On November 8, 1994, the Democratic Party suffered what was then its worst midterm defeat since 1946. At the time, I was deputy assistant for domestic policy in the Clinton administration. I will never forget the senior staff meeting in the Roosevelt Room the next morning. The names of the defeated Democrats were read, one by one. It was like the tolling of a church bell, an epitaph for the high hopes with which we had entered the White House less than twenty-two months before.
The results of the election led, within the administration, to a period of acute disorientation from which the resident of the Oval Office was not exempt. When the president returned from an immediate post-election overseas trip, he began reaching out in numerous directions—to longtime friends, elected officials, and even scholars. He sought answers to two questions above all: Why had the people so resoundingly rejected the Democratic Party (and, by implication, its leader)? And what should he do next?
The president’s quest soon shaded into what in any White House is a huge, decision-forcing event: the preparation of the annual State of the Union address. We all knew that the 1995 edition would be of more than usual importance. Everyone would scrutinize it for evidence of what the president had learned from the difficulties of his first two years and for the outline of a new direction during his next two.
And so, in a Clinton White House tradition little known to the wider public, several speechwriters and policy advisers, myself included, began a more formal process of soliciting memos from eminent thinkers on their ideas for the State of the Union, and putting those before the president.

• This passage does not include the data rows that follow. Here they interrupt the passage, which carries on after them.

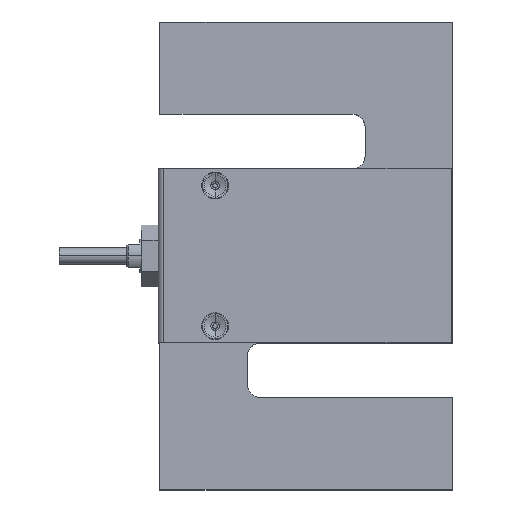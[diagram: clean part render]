
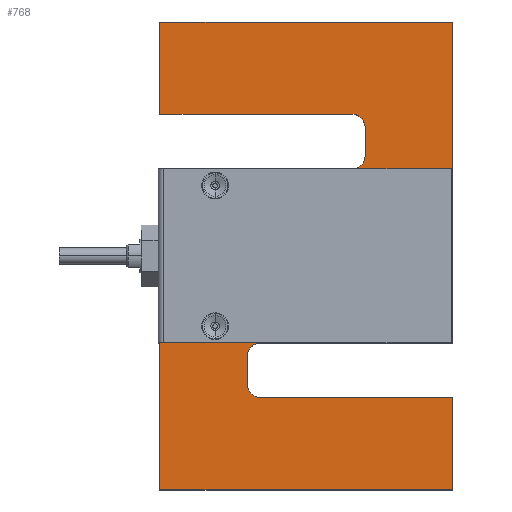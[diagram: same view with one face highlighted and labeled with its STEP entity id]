
A CAD part, top view. The second image highlights one B-rep face of the part: STEP entity #768.
In plain terms, the highlighted planar face has unit normal (0, 0, 1).
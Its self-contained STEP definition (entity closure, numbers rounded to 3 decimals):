
#62 = LINE ( 'NONE', #81, #967 ) ;
#63 = LINE ( 'NONE', #72, #945 ) ;
#64 = CARTESIAN_POINT ( 'NONE',  ( -13.6, -29.95, 37. ) ) ;
#65 = DIRECTION ( 'NONE',  ( 0., 0., -1. ) ) ;
#66 = DIRECTION ( 'NONE',  ( 1., 0., 0. ) ) ;
#72 = CARTESIAN_POINT ( 'NONE',  ( -13.6, -25.95, 37. ) ) ;
#73 = DIRECTION ( 'NONE',  ( 1., 0., 0. ) ) ;
#81 = CARTESIAN_POINT ( 'NONE',  ( 43.7, 69.85, 37. ) ) ;
#82 = DIRECTION ( 'NONE',  ( 0., 1., 0. ) ) ;
#83 = LINE ( 'NONE', #92, #965 ) ;
#92 = CARTESIAN_POINT ( 'NONE',  ( -43.7, 69.85, 37. ) ) ;
#93 = DIRECTION ( 'NONE',  ( -1., 0., 0. ) ) ;
#621 = EDGE_CURVE ( 'NONE', #3355, #2847, #3845, .T. ) ;
#626 = EDGE_CURVE ( 'NONE', #2847, #3345, #3857, .T. ) ;
#629 = EDGE_CURVE ( 'NONE', #3345, #2807, #4694, .T. ) ;
#632 = EDGE_CURVE ( 'NONE', #2807, #2460, #3876, .T. ) ;
#642 = EDGE_CURVE ( 'NONE', #2478, #2476, #3912, .T. ) ;
#646 = EDGE_CURVE ( 'NONE', #2476, #2475, #3921, .T. ) ;
#708 = EDGE_CURVE ( 'NONE', #2799, #2800, #4678, .T. ) ;
#768 = ADVANCED_FACE ( 'NONE', ( #4186, #4181 ), #4188, .T. ) ;
#779 = EDGE_CURVE ( 'NONE', #2461, #2804, #4268, .T. ) ;
#783 = EDGE_CURVE ( 'NONE', #2804, #2458, #4271, .T. ) ;
#786 = EDGE_CURVE ( 'NONE', #2458, #2481, #4332, .T. ) ;
#789 = EDGE_CURVE ( 'NONE', #2481, #2480, #4290, .T. ) ;
#792 = EDGE_CURVE ( 'NONE', #2480, #2478, #946, .T. ) ;
#796 = EDGE_CURVE ( 'NONE', #2460, #2803, #952, .T. ) ;
#799 = EDGE_CURVE ( 'NONE', #2803, #2457, #63, .T. ) ;
#802 = EDGE_CURVE ( 'NONE', #2457, #2454, #62, .T. ) ;
#806 = EDGE_CURVE ( 'NONE', #2454, #2461, #83, .T. ) ;
#941 = AXIS2_PLACEMENT_3D ( 'NONE', #4309, #4310, #4311 ) ;
#945 = VECTOR ( 'NONE', #73, 1000. ) ;
#946 = CIRCLE ( 'NONE', #941, 4. ) ;
#952 = CIRCLE ( 'NONE', #963, 4. ) ;
#963 = AXIS2_PLACEMENT_3D ( 'NONE', #64, #65, #66 ) ;
#965 = VECTOR ( 'NONE', #93, 1000. ) ;
#967 = VECTOR ( 'NONE', #82, 1000. ) ;
#1053 = AXIS2_PLACEMENT_3D ( 'NONE', #1964, #1965, #1966 ) ;
#1065 = CIRCLE ( 'NONE', #1053, 17. ) ;
#1080 = VECTOR ( 'NONE', #1963, 1000. ) ;
#1446 = VECTOR ( 'NONE', #4270, 1000. ) ;
#1605 = CARTESIAN_POINT ( 'NONE',  ( 43.7, -25.95, 37. ) ) ;
#1608 = CARTESIAN_POINT ( 'NONE',  ( 43.7, 69.85, 37. ) ) ;
#1610 = CARTESIAN_POINT ( 'NONE',  ( 13.6, 42.35, 37. ) ) ;
#1612 = CARTESIAN_POINT ( 'NONE',  ( -17.6, -29.95, 37. ) ) ;
#1613 = CARTESIAN_POINT ( 'NONE',  ( -43.7, 69.85, 37. ) ) ;
#1627 = CARTESIAN_POINT ( 'NONE',  ( -43.7, -69.85, 37. ) ) ;
#1628 = CARTESIAN_POINT ( 'NONE',  ( -43.7, 25.95, 37. ) ) ;
#1630 = CARTESIAN_POINT ( 'NONE',  ( 13.6, 25.95, 37. ) ) ;
#1632 = CARTESIAN_POINT ( 'NONE',  ( 17.6, 29.95, 37. ) ) ;
#1633 = CARTESIAN_POINT ( 'NONE',  ( 17.6, 38.35, 37. ) ) ;
#1687 = CARTESIAN_POINT ( 'NONE',  ( -17., 0., 37. ) ) ;
#1688 = CARTESIAN_POINT ( 'NONE',  ( 17., 0., 37. ) ) ;
#1691 = CARTESIAN_POINT ( 'NONE',  ( -13.6, -25.95, 37. ) ) ;
#1692 = CARTESIAN_POINT ( 'NONE',  ( -43.7, 42.35, 37. ) ) ;
#1695 = CARTESIAN_POINT ( 'NONE',  ( -17.6, -38.35, 37. ) ) ;
#1722 = CARTESIAN_POINT ( 'NONE',  ( 43.7, -42.35, 37. ) ) ;
#1873 = CARTESIAN_POINT ( 'NONE',  ( -13.6, -42.35, 37. ) ) ;
#1884 = CARTESIAN_POINT ( 'NONE',  ( 43.7, -69.85, 37. ) ) ;
#1954 = LINE ( 'NONE', #1962, #1080 ) ;
#1962 = CARTESIAN_POINT ( 'NONE',  ( -43.7, -69.85, 37. ) ) ;
#1963 = DIRECTION ( 'NONE',  ( 1., 0., 0. ) ) ;
#1964 = CARTESIAN_POINT ( 'NONE',  ( 0., 0., 37. ) ) ;
#1965 = DIRECTION ( 'NONE',  ( 0., 0., 1. ) ) ;
#1966 = DIRECTION ( 'NONE',  ( 1., 0., 0. ) ) ;
#2454 = VERTEX_POINT ( 'NONE', #1608 ) ;
#2457 = VERTEX_POINT ( 'NONE', #1605 ) ;
#2458 = VERTEX_POINT ( 'NONE', #1610 ) ;
#2460 = VERTEX_POINT ( 'NONE', #1612 ) ;
#2461 = VERTEX_POINT ( 'NONE', #1613 ) ;
#2475 = VERTEX_POINT ( 'NONE', #1627 ) ;
#2476 = VERTEX_POINT ( 'NONE', #1628 ) ;
#2478 = VERTEX_POINT ( 'NONE', #1630 ) ;
#2480 = VERTEX_POINT ( 'NONE', #1632 ) ;
#2481 = VERTEX_POINT ( 'NONE', #1633 ) ;
#2799 = VERTEX_POINT ( 'NONE', #1687 ) ;
#2800 = VERTEX_POINT ( 'NONE', #1688 ) ;
#2803 = VERTEX_POINT ( 'NONE', #1691 ) ;
#2804 = VERTEX_POINT ( 'NONE', #1692 ) ;
#2807 = VERTEX_POINT ( 'NONE', #1695 ) ;
#2847 = VERTEX_POINT ( 'NONE', #1722 ) ;
#3247 = EDGE_LOOP ( 'NONE', ( #3577, #3578 ) ) ;
#3250 = EDGE_LOOP ( 'NONE', ( #3579, #3580, #3581, #3582, #3583, #3584, #3678, #3679, #3680, #3681, #3682, #3683, #3684, #3685, #3686, #3687 ) ) ;
#3345 = VERTEX_POINT ( 'NONE', #1873 ) ;
#3355 = VERTEX_POINT ( 'NONE', #1884 ) ;
#3577 = ORIENTED_EDGE ( 'NONE', *, *, #4501, .F. ) ;
#3578 = ORIENTED_EDGE ( 'NONE', *, *, #708, .F. ) ;
#3579 = ORIENTED_EDGE ( 'NONE', *, *, #621, .T. ) ;
#3580 = ORIENTED_EDGE ( 'NONE', *, *, #626, .T. ) ;
#3581 = ORIENTED_EDGE ( 'NONE', *, *, #629, .T. ) ;
#3582 = ORIENTED_EDGE ( 'NONE', *, *, #632, .T. ) ;
#3583 = ORIENTED_EDGE ( 'NONE', *, *, #796, .T. ) ;
#3584 = ORIENTED_EDGE ( 'NONE', *, *, #799, .T. ) ;
#3678 = ORIENTED_EDGE ( 'NONE', *, *, #802, .T. ) ;
#3679 = ORIENTED_EDGE ( 'NONE', *, *, #806, .T. ) ;
#3680 = ORIENTED_EDGE ( 'NONE', *, *, #779, .T. ) ;
#3681 = ORIENTED_EDGE ( 'NONE', *, *, #783, .T. ) ;
#3682 = ORIENTED_EDGE ( 'NONE', *, *, #786, .T. ) ;
#3683 = ORIENTED_EDGE ( 'NONE', *, *, #789, .T. ) ;
#3684 = ORIENTED_EDGE ( 'NONE', *, *, #792, .T. ) ;
#3685 = ORIENTED_EDGE ( 'NONE', *, *, #642, .T. ) ;
#3686 = ORIENTED_EDGE ( 'NONE', *, *, #646, .T. ) ;
#3687 = ORIENTED_EDGE ( 'NONE', *, *, #4500, .T. ) ;
#3845 = LINE ( 'NONE', #3852, #4706 ) ;
#3852 = CARTESIAN_POINT ( 'NONE',  ( 43.7, -42.35, 37. ) ) ;
#3854 = DIRECTION ( 'NONE',  ( 0., 1., 0. ) ) ;
#3857 = LINE ( 'NONE', #3868, #4628 ) ;
#3868 = CARTESIAN_POINT ( 'NONE',  ( -13.6, -42.35, 37. ) ) ;
#3869 = DIRECTION ( 'NONE',  ( -1., 0., 0. ) ) ;
#3876 = LINE ( 'NONE', #3885, #4705 ) ;
#3877 = CARTESIAN_POINT ( 'NONE',  ( -13.6, -38.35, 37. ) ) ;
#3878 = DIRECTION ( 'NONE',  ( 0., 0., -1. ) ) ;
#3879 = DIRECTION ( 'NONE',  ( 1., 0., 0. ) ) ;
#3885 = CARTESIAN_POINT ( 'NONE',  ( -17.6, -29.95, 37. ) ) ;
#3887 = DIRECTION ( 'NONE',  ( 0., 1., 0. ) ) ;
#3912 = LINE ( 'NONE', #3919, #4658 ) ;
#3919 = CARTESIAN_POINT ( 'NONE',  ( 13.6, 25.95, 37. ) ) ;
#3920 = DIRECTION ( 'NONE',  ( -1., 0., 0. ) ) ;
#3921 = LINE ( 'NONE', #3931, #4619 ) ;
#3931 = CARTESIAN_POINT ( 'NONE',  ( -43.7, 25.95, 37. ) ) ;
#3932 = DIRECTION ( 'NONE',  ( 0., -1., 0. ) ) ;
#3975 = CARTESIAN_POINT ( 'NONE',  ( 0., 0., 37. ) ) ;
#3976 = DIRECTION ( 'NONE',  ( 0., 0., 1. ) ) ;
#3977 = DIRECTION ( 'NONE',  ( 1., 0., 0. ) ) ;
#4181 = FACE_OUTER_BOUND ( 'NONE', #3250, .T. ) ;
#4183 = DIRECTION ( 'NONE',  ( 0., 0., 1. ) ) ;
#4185 = CARTESIAN_POINT ( 'NONE',  ( 13.6, 29.95, 37. ) ) ;
#4186 = FACE_BOUND ( 'NONE', #3247, .T. ) ;
#4188 = PLANE ( 'NONE',  #4565 ) ;
#4190 = DIRECTION ( 'NONE',  ( 1., 0., 0. ) ) ;
#4268 = LINE ( 'NONE', #4269, #1446 ) ;
#4269 = CARTESIAN_POINT ( 'NONE',  ( -43.7, 69.85, 37. ) ) ;
#4270 = DIRECTION ( 'NONE',  ( 0., -1., 0. ) ) ;
#4271 = LINE ( 'NONE', #4281, #4328 ) ;
#4281 = CARTESIAN_POINT ( 'NONE',  ( 13.6, 42.35, 37. ) ) ;
#4282 = DIRECTION ( 'NONE',  ( 1., 0., 0. ) ) ;
#4290 = LINE ( 'NONE', #4299, #4339 ) ;
#4291 = CARTESIAN_POINT ( 'NONE',  ( 13.6, 38.35, 37. ) ) ;
#4292 = DIRECTION ( 'NONE',  ( 0., 0., -1. ) ) ;
#4293 = DIRECTION ( 'NONE',  ( 1., 0., 0. ) ) ;
#4299 = CARTESIAN_POINT ( 'NONE',  ( 17.6, 38.35, 37. ) ) ;
#4300 = DIRECTION ( 'NONE',  ( 0., -1., 0. ) ) ;
#4309 = CARTESIAN_POINT ( 'NONE',  ( 13.6, 29.95, 37. ) ) ;
#4310 = DIRECTION ( 'NONE',  ( 0., 0., -1. ) ) ;
#4311 = DIRECTION ( 'NONE',  ( 1., 0., 0. ) ) ;
#4328 = VECTOR ( 'NONE', #4282, 1000. ) ;
#4332 = CIRCLE ( 'NONE', #4336, 4. ) ;
#4336 = AXIS2_PLACEMENT_3D ( 'NONE', #4291, #4292, #4293 ) ;
#4339 = VECTOR ( 'NONE', #4300, 1000. ) ;
#4500 = EDGE_CURVE ( 'NONE', #2475, #3355, #1954, .T. ) ;
#4501 = EDGE_CURVE ( 'NONE', #2800, #2799, #1065, .T. ) ;
#4565 = AXIS2_PLACEMENT_3D ( 'NONE', #4185, #4183, #4190 ) ;
#4616 = AXIS2_PLACEMENT_3D ( 'NONE', #3877, #3878, #3879 ) ;
#4619 = VECTOR ( 'NONE', #3932, 1000. ) ;
#4628 = VECTOR ( 'NONE', #3869, 1000. ) ;
#4658 = VECTOR ( 'NONE', #3920, 1000. ) ;
#4662 = AXIS2_PLACEMENT_3D ( 'NONE', #3975, #3976, #3977 ) ;
#4678 = CIRCLE ( 'NONE', #4662, 17. ) ;
#4694 = CIRCLE ( 'NONE', #4616, 4. ) ;
#4705 = VECTOR ( 'NONE', #3887, 1000. ) ;
#4706 = VECTOR ( 'NONE', #3854, 1000. ) ;

The ten “memos to President Obama” that we present in this issue of the Washington Monthly are thus, for me at least, a replay of sorts. They are an attempt to solicit fresh thinking for a White House that needs it now as much as we did back then. Certainly the drubbing Clinton received in 1994 was every bit as bad as the shellacking Obama got in November, and the political road ahead seemed to us no less forbidding than it must to the current administration. The good news is that after listening to outside advice, Bill Clinton reconceived his presidency in the face of the Gingrich Revolution, and that reconception led, two years later, to his reelection. Barack Obama can do the same.